# My Simple Ammo Sorter



## Rayshot (Feb 1, 2010)

EDIT; Here are pics and commentary also put on the #23 post of this thread.

What I don't like about the rod method, which I almost made is that there is way too much chance for me in knocking it around, for the rods to bend. I just preferred the assured longevity of the angle iron, nearly no weight, and if the balls bunch up on the rod ammo sorter I assume that if you push the balls along and get too heavy handed the balls could drop where you dont want them. Tha angle iron is in my opinion in the bigger scheme of things a superior way to go.

Here it is with a leader funnel attached. I simply taped it on with some aluminum tape used for duct work. Also you can see the back side, which is the side I ground a large part of the hole opening and then I hand filed it to the precise size for the specific ball size. I planned on making one more precisely made, but this one works so well I haven't been driven to refine it yet.





















I have been a bit quiet lately, just busy. Though, I have been meaning to video my simple ammo sorter.
I ground the back side with a roto zip using a cut off disk to where it was less work to finish the slot size for each ammo. It is nothing special but it works very good.

I was going to make a feeder that helps the ammo to drop single file into the angled aluminum, with a stand, bit decided it would be another bulky thing to find a place for so I feed the ammo a handful at a time.
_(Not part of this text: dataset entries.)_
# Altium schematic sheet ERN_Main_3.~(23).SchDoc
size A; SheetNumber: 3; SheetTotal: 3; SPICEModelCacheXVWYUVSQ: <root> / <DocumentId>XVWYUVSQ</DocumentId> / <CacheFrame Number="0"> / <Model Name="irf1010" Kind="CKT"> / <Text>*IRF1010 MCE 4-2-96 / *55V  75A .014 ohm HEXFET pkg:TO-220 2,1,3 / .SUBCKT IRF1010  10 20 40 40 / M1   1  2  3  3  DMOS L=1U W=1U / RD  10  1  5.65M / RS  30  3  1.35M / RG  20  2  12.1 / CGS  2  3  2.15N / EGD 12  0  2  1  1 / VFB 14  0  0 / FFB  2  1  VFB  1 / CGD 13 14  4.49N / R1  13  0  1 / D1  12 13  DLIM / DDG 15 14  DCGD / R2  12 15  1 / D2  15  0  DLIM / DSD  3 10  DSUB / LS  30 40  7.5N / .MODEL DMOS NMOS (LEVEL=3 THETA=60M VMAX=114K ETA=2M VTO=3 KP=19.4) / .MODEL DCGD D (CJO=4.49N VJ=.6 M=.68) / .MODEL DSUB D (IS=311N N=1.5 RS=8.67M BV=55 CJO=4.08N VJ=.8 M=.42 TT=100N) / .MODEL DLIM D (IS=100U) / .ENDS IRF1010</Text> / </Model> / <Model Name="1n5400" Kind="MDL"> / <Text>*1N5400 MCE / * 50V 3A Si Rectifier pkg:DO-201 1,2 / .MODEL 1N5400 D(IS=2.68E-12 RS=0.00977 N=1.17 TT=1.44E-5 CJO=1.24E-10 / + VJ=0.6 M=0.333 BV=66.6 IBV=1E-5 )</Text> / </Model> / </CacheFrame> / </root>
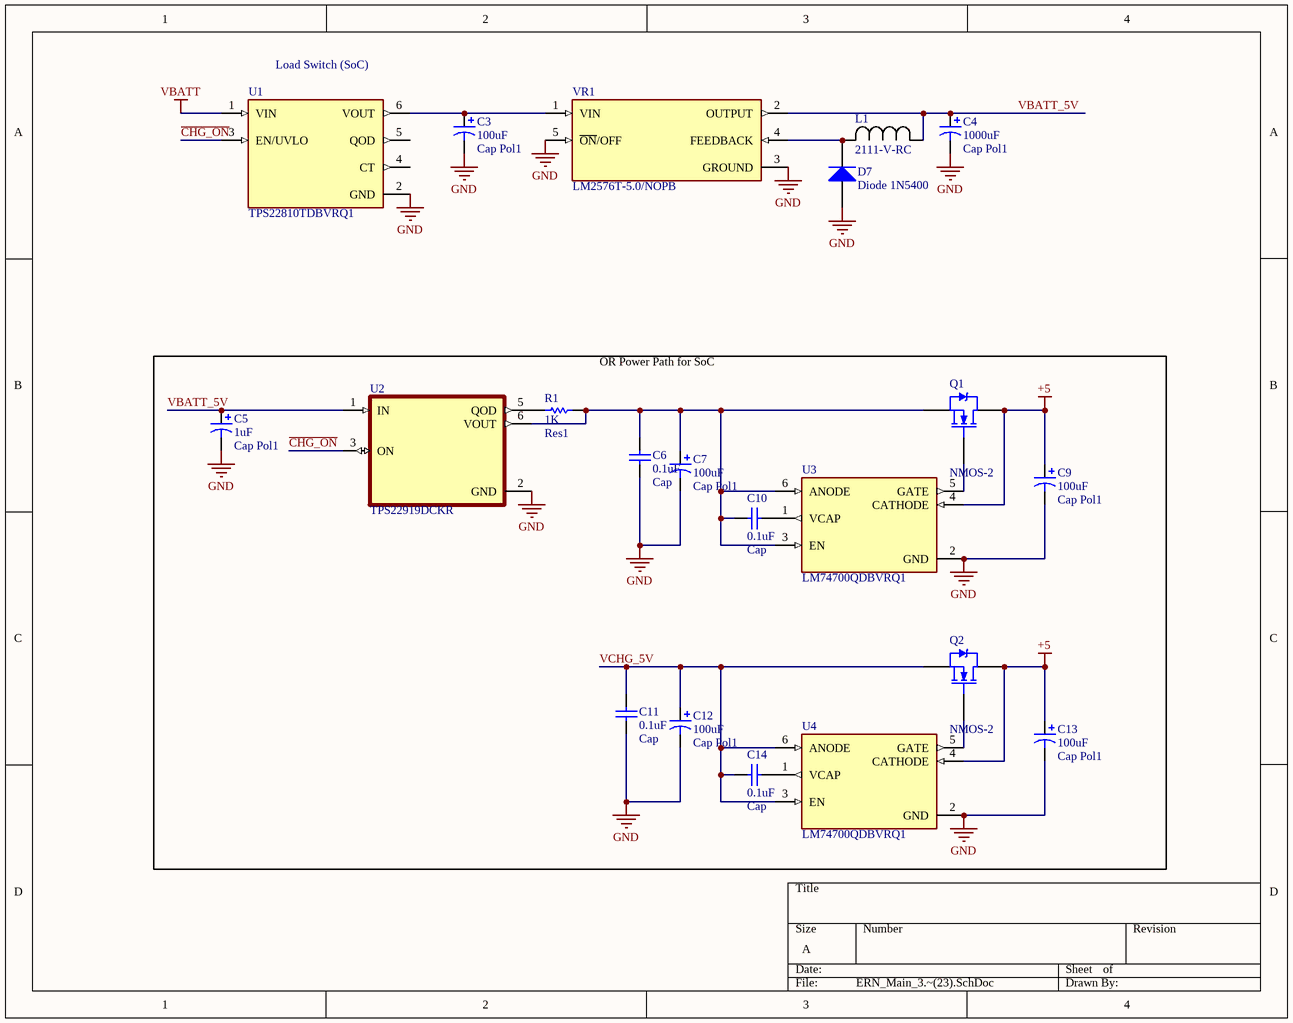
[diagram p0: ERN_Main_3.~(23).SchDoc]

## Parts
C3  Cap Pol1  value 100uF  [RB7.6-15]
C4  Cap Pol1  value 1000uF  [RB7.6-15]
C5  Cap Pol1  value 1uF  [RB7.6-15]
C6  Cap  value 0.1uF  [RAD-0.3]
C7  Cap Pol1  value 100uF  [RB7.6-15]
C9  Cap Pol1  value 100uF  [RB7.6-15]
C10  Cap  value 0.1uF  [RAD-0.3]
C11  Cap  value 0.1uF  [RAD-0.3]
C12  Cap Pol1  value 100uF  [RB7.6-15]
C13  Cap Pol1  value 100uF  [RB7.6-15]
C14  Cap  value 0.1uF  [RAD-0.3]
D7  Diode 1N5400  [DO-201AD]
L1  2111-V-RC  [IND_21XX_27A_V]
Q1  NMOS-2  [TO-220AB]
Q2  NMOS-2  [TO-220AB]
R1  Res1  value 1K  [AXIAL-0.3]
U1  TPS22810TDBVRQ1  [SOT95P280X145-6N]
U2  TPS22919DCKR  [SOT65P210X110-6N]
U3  LM74700QDBVRQ1  [SOT95P280X145-6N]
U4  LM74700QDBVRQ1  [SOT95P280X145-6N]
VR1  LM2576T-5.0/NOPB  [TO170P1067X483X1651-5]

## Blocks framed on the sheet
OR Power Path for SoC: C5-C7 C9-C14 Q1 Q2 R1 U2-U4

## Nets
+5: C9.1 C13.1 Q1.2(D) Q2.2(D) U3.4(CATHODE) U4.4(CATHODE)
GND: C3.2 C4.2 C5.2 C6.1 C7.2 C9.2 C11.1 C12.2 C13.2 D7.1(A) U1.2(GND) U2.2(GND) U3.2(GND) U4.2(GND) VR1.3(GROUND) VR1.5(~{ON}/OFF)
VBATT: U1.1(VIN)
~{CHG_ON}: U1.3(EN/UVLO) U2.3(ON)
VBATT_5V: C4.1 C5.1 L1.1 U2.1(IN) VR1.2(OUTPUT)
VCHG_5V: C11.2 C12.1 C14.2 Q2.3(S) U4.3(EN) U4.6(ANODE)
NetC3_1: C3.1 U1.6(VOUT) VR1.1(VIN)
NetC6_2: C6.2 C7.1 C10.2 Q1.3(S) R1.1 U2.6(VOUT) U3.3(EN) U3.6(ANODE)
NetC10_1: C10.1 U3.1(VCAP)
NetC14_1: C14.1 U4.1(VCAP)
NetD7_2: D7.2(K) L1.2 VR1.4(FEEDBACK)
NetQ1_1: Q1.1(G) U3.5(GATE)
NetQ2_1: Q2.1(G) U4.5(GATE)
NetR1_2: R1.2 U2.5(QOD)

Not connected (* = marked no-connect by the designer): U1 4(CT) 5(QOD)

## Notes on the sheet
- (near U1) Load Switch (SoC)

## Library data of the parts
C3-C5 C7 C9 C12 C13 = Cap Pol1: Polarized Capacitor (Radial)
C6 C10 C11 C14 = Cap: Capacitor
D7 = Diode 1N5400: 3 Amp General Purpose Rectifier
L1 = 2111-V-RC: Inductor 68uH; Manufacturer_Name: Bourns Electronics
Q1 Q2 = NMOS-2: N-Channel Power MOSFET; Note: Pin 2 is electrically connected to pin 4.
R1 = Res1: Resistor
U1 = TPS22810TDBVRQ1: Automotive 1-channel, 18-V, 2-A, 79-mâ„¦ load switch with adj. rise time and adj. output discharge; MF: Texas Instruments
U2 = TPS22919DCKR: 5.5-V, 1.5-A, 90-mÎ© load switch with adj. output discharge; MF: Texas Instruments
U3 U4 = LM74700QDBVRQ1: 3.2-V to 65-V, 80-uA IQ automotive ideal diode controller; MF: Texas Instruments
VR1 = LM2576T-5.0/NOPB: SIMPLE SWITCHERÂ® 40V, 3A Low Component Count Step-Down Regulator; MF: Texas Instruments

It is small and not cumbersome.


----------



## NoSugarRob (Jun 3, 2010)

thats a great idea Ray.


----------



## slingshot_sniper (Feb 20, 2011)

That's a neat idea Ray,good job


----------



## Tex-Shooter (Dec 17, 2009)

I use two 1/4 inch steel rods spaced on a taper and a flat funnel leading into them. -- Tex


----------



## Flatband (Dec 18, 2009)

NIce one Ray! Simple and it works perfect! Flatband


----------



## AJW (Apr 24, 2011)

Great rig Ray. It has the two most important features: 1 - It works. 2 - It's simple to make. That makes it pretty close to perfect.


----------



## Charles (Aug 26, 2010)

Clever!

Cheers ........ Charles


----------



## justplainduke (May 31, 2011)

Tex-Shooter said:


> I use two 1/4 inch steel rods spaced on a taper and a flat funnel leading into them. -- Tex


Tex, I think that I understand your setup..would you post a pic for us?


----------



## GameKeeper (Jul 24, 2011)

Nice idea


----------



## bikermikearchery (Sep 30, 2010)

Good idea. Nice and easy to make. 
Thanks
Mike


----------



## radray (Apr 30, 2011)

Awesome idea.


----------



## Hrawk (Oct 25, 2010)

Simplicity at it's finest.


----------



## NoSugarRob (Jun 3, 2010)

.


----------



## e~shot (Jun 3, 2010)

Great idea Ray.


----------



## Bob Fionda (Apr 6, 2011)

Very clever and simple. Thanks for sharing Ray. Cheers, Bob


----------



## lightgeoduck (Apr 3, 2011)

So simple it's genius









Thanks for the video, if I had to just read it, I probably would have started at the other end of that jig







(of course then I would only need one jar














)

LGD


----------



## Rayshot (Feb 1, 2010)

lightgeoduck said:


> So simple it's genius
> 
> 
> 
> ...


----------



## mckee (Oct 28, 2010)

great idea ray!


----------



## atom (Jun 24, 2011)

nice 1 .i like it ,







nice and simple


----------



## wildwilly (Jun 10, 2011)

Great idea! I think I will have to make one for myself. That is unless you plan on making them for sale? If so let us know so we can buy one from you!


----------



## Beanflip (Sep 11, 2010)

Bump! We need this for MWST 2015.


----------



## Beanflip (Sep 11, 2010)

Or......

Assuming that you are talking about steel balls, mount two 1/4 steel rods 36 inches long set 1/8 inch apart on one and 5/8 inch apart on the other. Keep them at a slight angle and roll the balls down them from the narrow end to the wide end. Have containers under them to catch the various sizes. Use a V bent shaped cardboard to guide the balls onto the rods. Different sizes just fall through at different places along the rods. -- Tex


----------



## Rayshot (Feb 1, 2010)

Beanflip said:


> Or......
> 
> Assuming that you are talking about steel balls, mount two 1/4 steel rods 36 inches long set 1/8 inch apart on one and 5/8 inch apart on the other. Keep them at a slight angle and roll the balls down them from the narrow end to the wide end. Have containers under them to catch the various sizes. Use a V bent shaped cardboard to guide the balls onto the rods. Different sizes just fall through at different places along the rods. -- Tex
> 
> ...


What I don't like about the rod method, which I almost made is that there is way too much chance for me in knocking it around, for the rods to bend. I just preferred the assured longevity of the angle iron, nearly no weight, and if the balls bunch up on the rod ammo sorter I assume that if you push the balls along and get too heavy handed the balls could drop where you dont want them. Tha angle iron is in my opinion in the bigger scheme of things a superior way to go.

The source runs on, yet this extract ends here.